» **The task**: From the first line down to the one containing "for name, color, linetype in", reproduce the entries below exactly and leave out the pictures.

Saved data entries
════════════════════
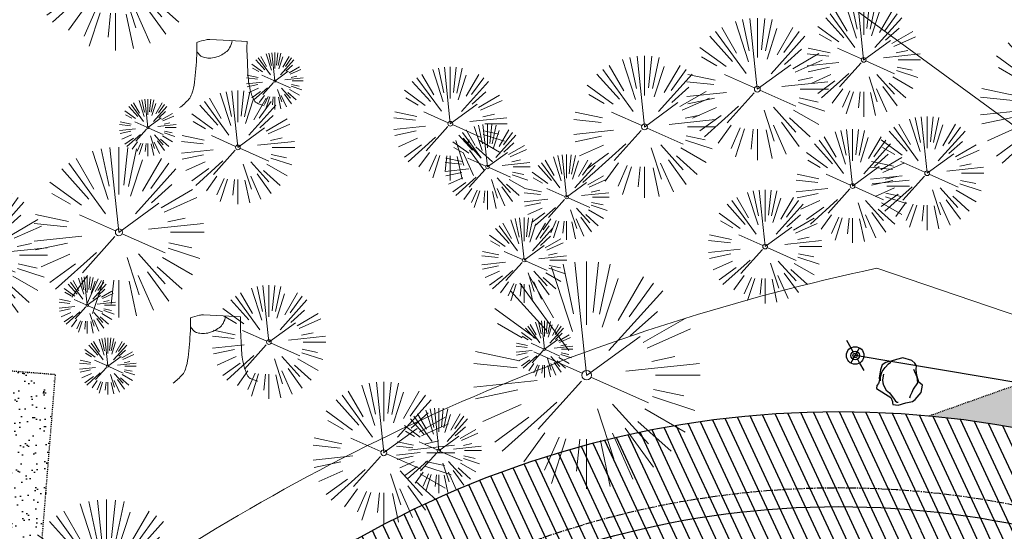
# Model space of a CAD drawing. Header units: feet. Extents: x 1134296 to 1140710, y 647902 to 649877.
# Tile 53 of 66: x 1134800 to 1134904, y 649275 to 649329. Entities that reach past the tile are written whole.
import ezdxf
from ezdxf.lldxf.tags import DXFTag

# ---------------------------------------------------------------- set-up
doc = ezdxf.new("R2010")
doc.units = ezdxf.units.FT
doc.header["$MEASUREMENT"] = 0
doc.linetypes.add('CENTER2', pattern=[1.125, 0.75, -0.125, 0.125, -0.125])
doc.linetypes.add('RAD', pattern=[0.13, 0.08, -0.05])
for name, color, linetype in [('C-CAMPSITE-PADS', 6, 'Continuous'), ('C-PRKG-ASPH', 5, 'Continuous'), ('C-PRKG-GRVL', 8, 'Continuous'), ('C-ROAD-ASPHALT', 1, 'Continuous'), ('C-ROAD-CNTR', 1, 'CENTER2'), ('C-ROAD-GRVL', 1, 'RAD'), ('C-UTIL-WATER-MEP', 7, 'WATER (.5x)'), ('G-TEXT-ST02', 2, 'Continuous'), ('G-XREF', 7, 'Continuous'), ('L-BARRIERROCK', 6, 'Continuous'), ('V-UTIL-WATR-STRC', 8, 'Continuous')]:
    doc.layers.add(name, color=color, linetype=linetype)
for name, color, linetype, lineweight in [('V-SITE-VEGE', 8, 'Continuous', 18), ('V-UTIL-POWR-LINE-UNDR', 8, 'EXIST_PROP POWER UNDERGROUND LINE 1', 15), ('V-UTIL-WATR-LINE', 8, 'WATER', 15)]:
    doc.layers.add(name, color=color, linetype=linetype, lineweight=lineweight)
doc.styles.get("Standard").update_dxf_attribs({"font": 'arial.ttf'})
tags = doc.linetypes.add('EXIST_PROP POWER UNDERGROUND LINE 1', pattern='A,1.5,-0.2,["P-UG",Standard,S=0.08,R=0,X=-0.1,Y=-0.04],-0.3', length=2).pattern_tags.tags
tags[6] = DXFTag(74, 10)
tags = doc.linetypes.add('WATER', pattern='A,1.5,-0.2,["W",Standard,S=0.08,R=0,X=-0.1,Y=-0.04],-0.05', length=1.75).pattern_tags.tags
tags[6] = DXFTag(74, 10)
tags = doc.linetypes.add('WATER (.5x)', pattern='A,0.75,-0.2,["W",Standard,S=0.08,R=0,X=-0.1,Y=-0.04],-0.05', length=1).pattern_tags.tags
tags[6] = DXFTag(74, 10)
pattern_1 = [(37.5, (0, 0), (-0.0629933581, 1.926823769), [0, -1.52, 0, -1.7, 0, -1.625]), (7.5, (0, 0), (1.7697767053, 2.822146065), [0, -0.82, 0, -1.37, 0, -0.525]), (327.5, (-1.23, 0), (3.1141418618, 0.0056590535), [0, -0.5, 0, -1.8, 0, -2.35]), (317.5, (-1.23, 0), (3.0061266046, 0.877675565), [0, -0.25, 0, -1.18, 0, -1.35])]

# ---------------------------------------------------------------- blocks, each defined once
blk = doc.blocks.new('V-UTIL-IRRI-Spigot')
for points in [[(-1, 1.73), (-0.5, 0.87)], [(-0.5, -0.87), (0.5, 0.87)], [(0.5, -0.87), (1, -1.73)]]:
    blk.add_lwpolyline(points)
for radius in [1, 0.5]:
    blk.add_circle((0, 0), radius)
blk = doc.blocks.new('*U832', base_point=(1134888.361, 649293.658))
at = {"xscale": 0.9237604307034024, "yscale": 0.9237604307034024, "zscale": 0.9237604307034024}
blk.add_blockref('V-UTIL-IRRI-Spigot', (1134888.361, 649293.658), dxfattribs=at)
blk = doc.blocks.new('V-SITE-VEGE-Coniferious Tree 2')
at = {"color": 0, "linetype": 'ByBlock'}
for p, q in [((-0.0575, 0.2704), (-0.104, 0.4891)), ((-0.0003, 0.0026), (-0.0523, 0.4973)), ((0, 0.2219), (0, 0.5)), ((0.0289, 0.2753), (0.0522, 0.4973)), ((0.0572, 0.2693), (0.1039, 0.4891)), ((-0.0626, 0.1926), (-0.1545, 0.4755)), ((-0.0791, 0.1089), (-0.2939, 0.4045)), ((-0.146, 0.2528), (-0.25, 0.433)), ((0.0685, 0.211), (0.1382, 0.4256)), ((0.1391, 0.2411), (0.25, 0.433)), ((0.1869, 0.2573), (0.2939, 0.4045)), ((-0.1757, 0.1951), (-0.3346, 0.3716)), ((0.0978, 0.1086), (0.3345, 0.3716)), ((-0.2201, 0.1599), (-0.4046, 0.2939)), ((0.192, 0.1729), (0.3116, 0.2806)), ((-0.2844, 0.1642), (-0.3931, 0.227)), ((0.2488, 0.1436), (0.433, 0.25)), ((0.2659, 0.1184), (0.4568, 0.2034)), ((-0.0009, -0.0007), (0.235, 0.1707)), ((-0.2961, 0.0629), (-0.4891, 0.1039)), ((-0.0199, 0.0089), (-0.2319, 0.1032)), ((-0.306, 0.0322), (-0.4973, 0.0523)), ((0.1731, 0.0182), (0.4972, 0.0523)), ((0.2873, 0.0611), (0.3885, 0.0826)), ((0.3025, 0), (0.5, 0)), ((-0.2183, -0.0229), (-0.4973, -0.0523)), ((-0.023, -0.0255), (-0.2138, -0.2374)), ((0.0185, -0.0083), (0.272, -0.1211)), ((-0.3022, -0.0642), (-0.4891, -0.1039)), ((0.2936, -0.0624), (0.4274, -0.0908)), ((-0.2881, -0.1283), (-0.4568, -0.2034)), ((-0.132, -0.1189), (-0.3716, -0.3346)), ((0.1144, -0.1271), (0.2718, -0.3019)), ((0.2891, -0.094), (0.4755, -0.1545)), ((0.0478, -0.1473), (0.1192, -0.3671)), ((0.2555, -0.1475), (0.433, -0.25)), ((-0.2545, -0.1849), (-0.4046, -0.2939)), ((0.2254, -0.2029), (0.3716, -0.3346)), ((-0.1843, -0.2536), (-0.2767, -0.3808)), ((0.1131, -0.2541), (0.2033, -0.4568)), ((0.1689, -0.2325), (0.2939, -0.4045)), ((-0.1214, -0.2725), (-0.1856, -0.4168)), ((-0.091, -0.2799), (-0.1545, -0.4755)), ((-0.0297, -0.2818), (-0.0443, -0.4216)), ((0, -0.2818), (0, -0.5)), ((0.061, -0.2873), (0.1039, -0.4891))]:
    blk.add_line(p, q, dxfattribs=at)
blk.add_circle((0, 0), 0.0208)
blk = doc.blocks.new('*U885', base_point=(1134888.361, 649293.658))
at = {"xscale": 0.9237604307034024, "yscale": 0.9237604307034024, "zscale": 0.9237604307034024}
blk.add_blockref('V-UTIL-IRRI-Spigot', (1134888.361, 649293.658), dxfattribs=at)
blk = doc.blocks.new('V-SITE-VEGE-Stump')
for points in [[(-0.1229, -0.0143, 0.052613), (-0.0986, 0.0077, 0.106195), (-0.0905, 0.0219, 0.044862), (-0.0837, 0.0527, 0.020074), (-0.0776, 0.1229, 0.011675), (-0.0773, 0.1364, 0.007866), (-0.0776, 0.1565)], [(-0.0776, 0.1565, -0.027668), (-0.0534, 0.1634, -0.067978), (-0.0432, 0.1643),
════════════════════
» **Response**:
# Model space of a CAD drawing. Header units: feet. Extents: x 1134296 to 1140710, y 647902 to 649877.
# Tile 53 of 66: x 1134800 to 1134904, y 649275 to 649329. Entities that reach past the tile are written whole.
import ezdxf
from ezdxf.lldxf.tags import DXFTag

# ---------------------------------------------------------------- set-up
doc = ezdxf.new("R2010")
doc.units = ezdxf.units.FT
doc.header["$MEASUREMENT"] = 0
doc.linetypes.add('CENTER2', pattern=[1.125, 0.75, -0.125, 0.125, -0.125])
doc.linetypes.add('RAD', pattern=[0.13, 0.08, -0.05])
for name, color, linetype in [('C-CAMPSITE-PADS', 6, 'Continuous'), ('C-PRKG-ASPH', 5, 'Continuous'), ('C-PRKG-GRVL', 8, 'Continuous'), ('C-ROAD-ASPHALT', 1, 'Continuous'), ('C-ROAD-CNTR', 1, 'CENTER2'), ('C-ROAD-GRVL', 1, 'RAD'), ('C-UTIL-WATER-MEP', 7, 'WATER (.5x)'), ('G-TEXT-ST02', 2, 'Continuous'), ('G-XREF', 7, 'Continuous'), ('L-BARRIERROCK', 6, 'Continuous'), ('V-UTIL-WATR-STRC', 8, 'Continuous')]:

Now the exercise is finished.